Share your dilemmas and get honest opinions from other Mumsnetters.

Do you ever hsve the urge to live in your home town?

111 replies

Twopizzafriday · 06/09/2024 19:31

I’ve not been back for around 18 years…lived there from birth until 23, when I then travelled lots and lived abroad. The last time I went back was before my family moved house to another area of the U.K.
I had my whole childhood, amazing teenage years and early 20’s there. I’d always wanted to travel and live abroad and thought I’d be back one day…I never returned to live. My immediate family don’t live there now or I suppose I would have been more likely to have gone back. I still have a few good friends there, but many are scattered everywhere. I’ve been dreaming about it lots recently and my old house and my old life as it were. I’m mid 40’s, is this normal?
Did you ever move away for a long time, then move back?

OP posts:
Catsmere · 06/09/2024 23:25

No, because I didn't have one - born in the suburbs of Melbourne and lived in half a dozen over fifty years. I don't think of childhood suburbs (most of which I don't remember) as a home town - Melbourne is too big and sprawling to have that feel, imo. We moved so often I always felt rootless. Still am, but I like the smaller city I live in now and wouldn't go back.

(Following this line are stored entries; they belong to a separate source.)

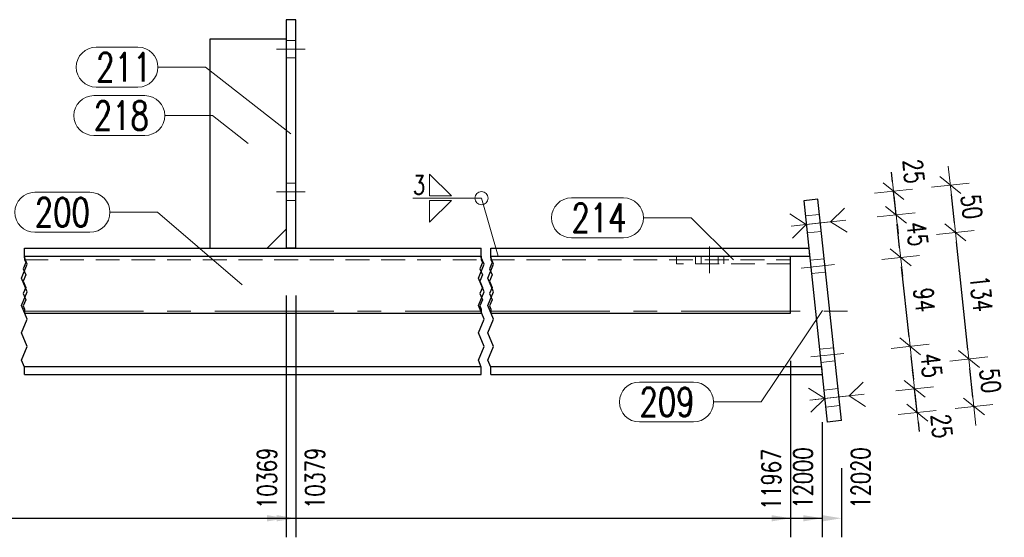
# Model space of a CAD drawing. Header units: millimetres. Extents: x -144 to 709, y 12312 to 12982.
# Tile 51 of 57: x 231 to 334, y 12785 to 12839. Entities that reach past the tile are written whole.
import ezdxf

# ---------------------------------------------------------------- set-up
doc = ezdxf.new("R2010")
doc.units = ezdxf.units.MM
doc.header["$LTSCALE"] = 10
doc.linetypes.add('HIDDEN', pattern=[0.375, 0.25, -0.125])
doc.linetypes.add('MITTE', pattern=[2, 1.25, -0.25, 0.25, -0.25])
doc.layers.get('Defpoints').update_dxf_attribs({"color": 1})
for name, color, linetype, lineweight in [('PS_Bolt', 4, 'Continuous', 13), ('PS_DIM', 4, 'Continuous', 13), ('PS_Hidden', 2, 'HIDDEN', 9), ('PS_Mid', 5, 'MITTE', 15), ('PS_Pos', 1, 'Continuous', 15), ('PS_Shape', 161, 'Continuous', 30), ('PS_SOLID', 7, 'Continuous', 30), ('PS_Weld', 1, 'Continuous', 9)]:
    doc.layers.add(name, color=color, linetype=linetype, lineweight=lineweight)
doc.styles.add('simplex', font='simplex.shx', dxfattribs={"width": 0.75})
doc.dimstyles.new('1_10_GŁ_DS1-LS10', dxfattribs={"dimtxt": 2, "dimasz": 2, "dimexe": 2, "dimexo": 5, "dimgap": 1, "dimtad": 1, "dimjust": 4, "dimdec": 0, "dimlfac": 10, "dimtxsty": 'simplex', "dimblk1": 'NONE', "dimsah": 1, "dimcen": 2, "dimclrd": 256, "dimclre": 256, "dimclrt": 3, "dimadec": 1, "dimazin": 0, "dimtfac": 1, "dimtdec": 0, "dimtmove": 2, "dimatfit": 3, "dimfxl": 1, "dimarcsym": 0})
doc.dimstyles.new('1_10_PRZ', dxfattribs={"dimtxt": 2, "dimasz": 1, "dimexe": 2, "dimexo": 5, "dimgap": 1, "dimtad": 1, "dimdec": 0, "dimlfac": 10, "dimtxsty": 'simplex', "dimblk": 'dimznak', "dimcen": 2, "dimse1": 1, "dimse2": 1, "dimclrt": 3, "dimadec": 1, "dimazin": 0, "dimtfac": 1, "dimtdec": 0, "dimtix": 1, "dimtmove": 2, "dimatfit": 3, "dimldrblk": 'dim-grot', "dimfxl": 1, "dimarcsym": 0})

# ---------------------------------------------------------------- blocks, each defined once
blk = doc.blocks.new('*D36')
at = {"layer": 'Defpoints', "color": 0, "transparency": 16777216}
for p in [(258.63, 12815.23), (-62.64, 12801.93), (258.63, 12786.83)]:
    blk.add_point(p, dxfattribs=at)
at = {"layer": 'PS_DIM', "lineweight": -2, "transparency": 16777216}
for p, q in [((258.63, 12810.23), (258.63, 12784.83)), ((-62.64, 12796.93), (-62.64, 12784.83)), ((-62.64, 12786.83), (256.63, 12786.83))]:
    blk.add_line(p, q, dxfattribs=at)
at = {"layer": 'PS_DIM', "transparency": 16777216}
blk.add_solid([(256.63, 12787.16), (256.63, 12786.5), (258.63, 12786.83)], dxfattribs=at)
at = {"layer": 'PS_DIM', "color": 3, "transparency": 16777216, "insert": (256.61, 12791.03), "char_height": 2, "attachment_point": 5, "rotation": 90, "style": 'simplex'}
blk.add_mtext('10369', dxfattribs=at)
blk = doc.blocks.new('_None')
blk = doc.blocks.new('*D37')
at = {"layer": 'Defpoints', "color": 0, "transparency": 16777216}
for p in [(259.63, 12815.23), (-62.64, 12801.93), (259.63, 12786.83)]:
    blk.add_point(p, dxfattribs=at)
at = {"layer": 'PS_DIM', "lineweight": -2, "transparency": 16777216}
for p, q in [((259.63, 12810.23), (259.63, 12784.83)), ((-62.64, 12796.93), (-62.64, 12784.83)), ((-62.64, 12786.83), (257.63, 12786.83))]:
    blk.add_line(p, q, dxfattribs=at)
at = {"layer": 'PS_DIM', "transparency": 16777216}
blk.add_solid([(257.63, 12787.16), (257.63, 12786.5), (259.63, 12786.83)], dxfattribs=at)
at = {"layer": 'PS_DIM', "color": 3, "transparency": 16777216, "insert": (261.65, 12791.03), "char_height": 2, "attachment_point": 5, "rotation": 90, "style": 'simplex'}
blk.add_mtext('10379', dxfattribs=at)
blk = doc.blocks.new('*D38')
at = {"layer": 'Defpoints', "color": 0, "transparency": 16777216}
for p in [(311.63, 12808.38), (-62.64, 12801.93), (311.63, 12786.83)]:
    blk.add_point(p, dxfattribs=at)
at = {"layer": 'PS_DIM', "lineweight": -2, "transparency": 16777216}
for p, q in [((311.63, 12803.38), (311.63, 12784.83)), ((-62.64, 12796.93), (-62.64, 12784.83)), ((-62.64, 12786.83), (309.63, 12786.83))]:
    blk.add_line(p, q, dxfattribs=at)
at = {"layer": 'PS_DIM', "transparency": 16777216}
blk.add_solid([(309.63, 12787.16), (309.63, 12786.5), (311.63, 12786.83)], dxfattribs=at)
at = {"layer": 'PS_DIM', "color": 3, "transparency": 16777216, "insert": (309.61, 12790.92), "char_height": 2, "attachment_point": 5, "rotation": 90, "style": 'simplex'}
blk.add_mtext('11967', dxfattribs=at)
blk = doc.blocks.new('*D39')
at = {"layer": 'Defpoints', "color": 0, "transparency": 16777216}
for p in [(-62.64, 12801.93), (314.96, 12801.93), (314.96, 12786.83)]:
    blk.add_point(p, dxfattribs=at)
at = {"layer": 'PS_DIM', "lineweight": -2, "transparency": 16777216}
for p, q in [((-62.64, 12796.93), (-62.64, 12784.83)), ((314.96, 12796.93), (314.96, 12784.83)), ((-62.64, 12786.83), (312.96, 12786.83))]:
    blk.add_line(p, q, dxfattribs=at)
at = {"layer": 'PS_DIM', "transparency": 16777216}
blk.add_solid([(312.96, 12787.16), (312.96, 12786.5), (314.96, 12786.83)], dxfattribs=at)
at = {"layer": 'PS_DIM', "color": 3, "transparency": 16777216, "insert": (312.94, 12791.06), "char_height": 2, "attachment_point": 5, "rotation": 90, "style": 'simplex'}
blk.add_mtext('12000', dxfattribs=at)
blk = doc.blocks.new('*D40')
at = {"layer": 'Defpoints', "color": 0, "transparency": 16777216}
for p in [(-62.64, 12801.93), (316.98, 12797.09), (316.98, 12786.83)]:
    blk.add_point(p, dxfattribs=at)
at = {"layer": 'PS_DIM', "lineweight": -2, "transparency": 16777216}
for p, q in [((-62.64, 12796.93), (-62.64, 12784.83)), ((316.98, 12792.09), (316.98, 12784.83)), ((-62.64, 12786.83), (314.98, 12786.83))]:
    blk.add_line(p, q, dxfattribs=at)
at = {"layer": 'PS_DIM', "transparency": 16777216}
blk.add_solid([(314.98, 12787.16), (314.98, 12786.5), (316.98, 12786.83)], dxfattribs=at)
at = {"layer": 'PS_DIM', "color": 3, "transparency": 16777216, "insert": (319, 12791.06), "char_height": 2, "attachment_point": 5, "rotation": 90, "style": 'simplex'}
blk.add_mtext('12020', dxfattribs=at)
blk = doc.blocks.new('dimznak')
at = {"color": 0}
for points in [[(0, 2), (0, -2)], [(-2, 0), (2, 0)]]:
    blk.add_lwpolyline(points, dxfattribs=at)
at = {"color": 2}
blk.add_lwpolyline([(1, 1), (-1, -1)], dxfattribs=at)
blk = doc.blocks.new('*D76')
at = {"layer": 'Defpoints', "color": 0, "transparency": 16777216}
for p in [(324.67, 12800.43), (316.72, 12799.58), (316.98, 12797.09)]:
    blk.add_point(p, dxfattribs=at)
at = {"layer": 'PS_DIM', "color": 0, "lineweight": -2, "transparency": 16777216}
for p, q in [((324.57, 12801.42), (324.46, 12802.42)), ((324.94, 12797.94), (324.67, 12800.43)), ((325.04, 12796.95), (325.15, 12795.95))]:
    blk.add_line(p, q, dxfattribs=at)
for p, rotation in [((324.67, 12800.43), 276.092002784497), ((324.94, 12797.94), 96.09200278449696)]:
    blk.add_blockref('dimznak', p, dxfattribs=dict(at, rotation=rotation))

MavisPennies · 06/09/2024 23:31

Have you read coming up for air by George Orwell? The main character goes back to his home town. Worth a read.

KohlaParasaurus · 06/09/2024 23:34

Yes, I do, occasionally. It's just an ordinary town in Scotland but it's friendly and has all the amenities I'll ever need and it's within easy reach of good transport links, and my parents would love to have me living on their doorstep. But DH would hate it and we're quite settled where we live now.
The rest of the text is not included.